En partant de leur précédente étude "Alma mater Homo Sapiens", les chercheurs se proposent d’objectiver les disparités filles/garçons au sein des différentes filières de l’enseignement et dans les carrières académiques. Par ailleurs, ils entendent formuler des propositions ou mesures, en se basant notamment sur les expériences et les réussites étrangères, de nature à favoriser la parité filles/garçons, hommes/femmes à tous les niveaux. Les résultats seront également utilisés pour constituer une mallette pédagogique à destination des professeurs en pédagogie et des futurs enseignants.
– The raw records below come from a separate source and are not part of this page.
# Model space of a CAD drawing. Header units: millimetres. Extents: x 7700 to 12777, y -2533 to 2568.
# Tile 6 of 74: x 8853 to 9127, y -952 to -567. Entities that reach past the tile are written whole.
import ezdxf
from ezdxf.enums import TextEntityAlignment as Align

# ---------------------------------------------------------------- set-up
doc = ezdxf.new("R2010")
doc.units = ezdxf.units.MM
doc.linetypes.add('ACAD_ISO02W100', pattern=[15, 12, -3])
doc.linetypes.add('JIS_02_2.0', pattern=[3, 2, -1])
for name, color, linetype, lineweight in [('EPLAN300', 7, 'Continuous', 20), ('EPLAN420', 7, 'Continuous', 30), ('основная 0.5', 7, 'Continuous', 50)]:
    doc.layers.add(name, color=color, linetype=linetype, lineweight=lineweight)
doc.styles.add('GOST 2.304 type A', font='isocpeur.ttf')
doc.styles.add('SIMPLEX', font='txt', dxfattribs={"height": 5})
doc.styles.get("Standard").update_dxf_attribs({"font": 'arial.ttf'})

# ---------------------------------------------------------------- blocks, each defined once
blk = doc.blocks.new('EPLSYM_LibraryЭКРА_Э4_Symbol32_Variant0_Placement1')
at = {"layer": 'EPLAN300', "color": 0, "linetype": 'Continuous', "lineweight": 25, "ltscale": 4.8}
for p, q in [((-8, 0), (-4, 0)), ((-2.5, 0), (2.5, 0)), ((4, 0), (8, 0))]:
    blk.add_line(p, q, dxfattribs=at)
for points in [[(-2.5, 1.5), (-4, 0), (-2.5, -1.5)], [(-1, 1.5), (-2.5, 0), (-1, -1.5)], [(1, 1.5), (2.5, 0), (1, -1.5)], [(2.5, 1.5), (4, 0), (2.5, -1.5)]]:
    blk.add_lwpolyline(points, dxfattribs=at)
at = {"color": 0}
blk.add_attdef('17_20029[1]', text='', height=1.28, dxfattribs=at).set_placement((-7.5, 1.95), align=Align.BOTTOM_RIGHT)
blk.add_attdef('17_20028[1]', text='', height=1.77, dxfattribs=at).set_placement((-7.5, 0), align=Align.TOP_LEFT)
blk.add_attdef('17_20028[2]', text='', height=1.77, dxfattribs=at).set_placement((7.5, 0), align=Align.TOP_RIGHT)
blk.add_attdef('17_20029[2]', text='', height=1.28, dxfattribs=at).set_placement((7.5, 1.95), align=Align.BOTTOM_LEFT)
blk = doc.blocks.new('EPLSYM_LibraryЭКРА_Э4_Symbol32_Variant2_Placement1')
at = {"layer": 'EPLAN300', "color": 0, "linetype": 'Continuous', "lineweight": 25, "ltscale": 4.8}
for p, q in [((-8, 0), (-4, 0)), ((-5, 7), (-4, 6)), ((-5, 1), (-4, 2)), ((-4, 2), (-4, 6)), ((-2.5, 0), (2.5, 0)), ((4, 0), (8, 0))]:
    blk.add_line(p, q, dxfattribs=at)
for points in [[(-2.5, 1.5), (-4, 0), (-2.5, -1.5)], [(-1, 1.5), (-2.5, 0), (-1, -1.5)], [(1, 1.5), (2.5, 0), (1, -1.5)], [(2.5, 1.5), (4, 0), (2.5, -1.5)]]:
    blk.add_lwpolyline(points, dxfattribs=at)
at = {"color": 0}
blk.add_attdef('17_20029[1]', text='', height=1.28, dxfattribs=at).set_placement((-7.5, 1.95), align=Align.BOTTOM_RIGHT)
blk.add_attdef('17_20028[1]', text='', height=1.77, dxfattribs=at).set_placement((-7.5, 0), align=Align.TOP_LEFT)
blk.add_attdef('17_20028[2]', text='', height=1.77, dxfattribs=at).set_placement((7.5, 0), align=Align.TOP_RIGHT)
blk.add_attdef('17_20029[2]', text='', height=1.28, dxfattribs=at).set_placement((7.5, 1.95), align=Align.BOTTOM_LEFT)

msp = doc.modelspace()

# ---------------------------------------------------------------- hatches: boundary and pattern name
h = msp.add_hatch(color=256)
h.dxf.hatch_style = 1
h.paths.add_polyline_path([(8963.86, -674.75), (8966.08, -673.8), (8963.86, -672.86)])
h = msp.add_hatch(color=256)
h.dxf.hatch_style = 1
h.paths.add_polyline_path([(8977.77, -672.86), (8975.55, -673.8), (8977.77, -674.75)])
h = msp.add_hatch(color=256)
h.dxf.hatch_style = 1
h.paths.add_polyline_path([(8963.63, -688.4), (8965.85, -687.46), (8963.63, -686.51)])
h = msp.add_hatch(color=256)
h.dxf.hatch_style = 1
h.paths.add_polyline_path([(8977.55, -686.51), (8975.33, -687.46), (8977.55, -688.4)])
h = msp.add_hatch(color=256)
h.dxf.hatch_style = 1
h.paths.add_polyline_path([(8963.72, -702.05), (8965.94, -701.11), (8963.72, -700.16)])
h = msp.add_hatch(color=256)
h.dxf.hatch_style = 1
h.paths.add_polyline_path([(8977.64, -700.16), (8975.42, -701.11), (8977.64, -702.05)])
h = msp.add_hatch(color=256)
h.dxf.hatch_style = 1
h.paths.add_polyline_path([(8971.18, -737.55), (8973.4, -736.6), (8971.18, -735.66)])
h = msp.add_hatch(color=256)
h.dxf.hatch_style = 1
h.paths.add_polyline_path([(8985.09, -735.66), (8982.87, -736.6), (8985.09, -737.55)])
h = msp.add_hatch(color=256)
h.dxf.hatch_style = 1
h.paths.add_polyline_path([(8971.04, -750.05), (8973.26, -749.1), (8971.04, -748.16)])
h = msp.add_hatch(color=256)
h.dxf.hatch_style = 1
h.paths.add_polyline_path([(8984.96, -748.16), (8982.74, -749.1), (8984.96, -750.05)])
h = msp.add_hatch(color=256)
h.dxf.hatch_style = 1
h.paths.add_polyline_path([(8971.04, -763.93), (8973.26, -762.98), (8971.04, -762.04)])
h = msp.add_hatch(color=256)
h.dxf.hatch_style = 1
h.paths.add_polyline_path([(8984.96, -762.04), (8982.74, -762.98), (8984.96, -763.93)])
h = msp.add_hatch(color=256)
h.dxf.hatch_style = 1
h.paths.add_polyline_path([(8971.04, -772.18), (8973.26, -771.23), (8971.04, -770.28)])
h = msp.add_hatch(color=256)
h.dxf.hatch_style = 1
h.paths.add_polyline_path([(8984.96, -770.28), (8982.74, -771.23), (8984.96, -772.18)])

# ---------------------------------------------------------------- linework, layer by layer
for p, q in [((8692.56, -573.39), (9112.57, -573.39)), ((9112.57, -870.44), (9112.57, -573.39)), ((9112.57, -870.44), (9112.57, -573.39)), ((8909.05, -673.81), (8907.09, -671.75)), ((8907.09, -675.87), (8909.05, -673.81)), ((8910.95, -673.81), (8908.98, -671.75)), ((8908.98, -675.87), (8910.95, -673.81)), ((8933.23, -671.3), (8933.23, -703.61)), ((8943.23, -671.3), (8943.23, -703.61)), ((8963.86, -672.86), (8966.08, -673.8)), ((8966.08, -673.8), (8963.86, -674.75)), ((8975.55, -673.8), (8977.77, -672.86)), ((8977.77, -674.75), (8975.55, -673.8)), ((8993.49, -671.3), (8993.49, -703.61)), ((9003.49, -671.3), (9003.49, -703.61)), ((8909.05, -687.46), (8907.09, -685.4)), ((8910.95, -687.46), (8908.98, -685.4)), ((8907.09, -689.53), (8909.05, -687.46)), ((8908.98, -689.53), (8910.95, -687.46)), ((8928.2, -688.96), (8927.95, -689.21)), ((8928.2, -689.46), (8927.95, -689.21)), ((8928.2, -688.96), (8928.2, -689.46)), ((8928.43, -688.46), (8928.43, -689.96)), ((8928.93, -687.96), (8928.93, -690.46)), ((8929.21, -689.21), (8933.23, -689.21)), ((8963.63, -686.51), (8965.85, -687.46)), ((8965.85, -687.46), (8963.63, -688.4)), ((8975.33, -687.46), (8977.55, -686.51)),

Deux programmes de recherche collaboratifs transnationaux de trois ans impliquant deux chercheurs du Département d'informatique (Faculté des Sciences) ont été sélectionnés par l'ESF (European Science Foundation), dans le cadre du programme EUROCORES EuroGIGA (Graphs in Geometry and Algorithms). Ce programme permet à des chercheurs de travailler sur des questions de recherche nécessitant une coopération traversant les frontières nationales et disciplinaires.
Le projet ComPoSe (Combinatorics of Point Sets and Arrangements of Objects) est codirigé par 7 participants de diverses institutions européennes, dont Jean Cardinal, membre du Service d'algorithmique (Département d'informatique). Le projet concerne la géométrie discrète, qui se donne pour but l'étude des propriétés combinatoires de collections d'objets géométriques. Le projet ComPoSe se concentrera sur les aspects combinatoires d'ensembles de points dans le plan. De nombreuses applications sont permises dans les domaines de l'ingénierie (télécommunications) et de l'informatique (algorithmes géométriques).
Le projet VORONOI a été élaboré par 8 partenaires européens, dont Stefan Langerman, également membre du Service d'algorithmique, qui en sera partenaire associé. Le projet a pour but d'étudier les structures liées aux diagrammes de Voronoï en géométrie. Ces diagrammes encodent les relations de proximité existant entre des objets géométriques d'un ensemble donné. Ces diagrammes ont des applications dans de nombreux domaines (conception assistée par ordinateur, systèmes d'information géographique, structures de données, etc).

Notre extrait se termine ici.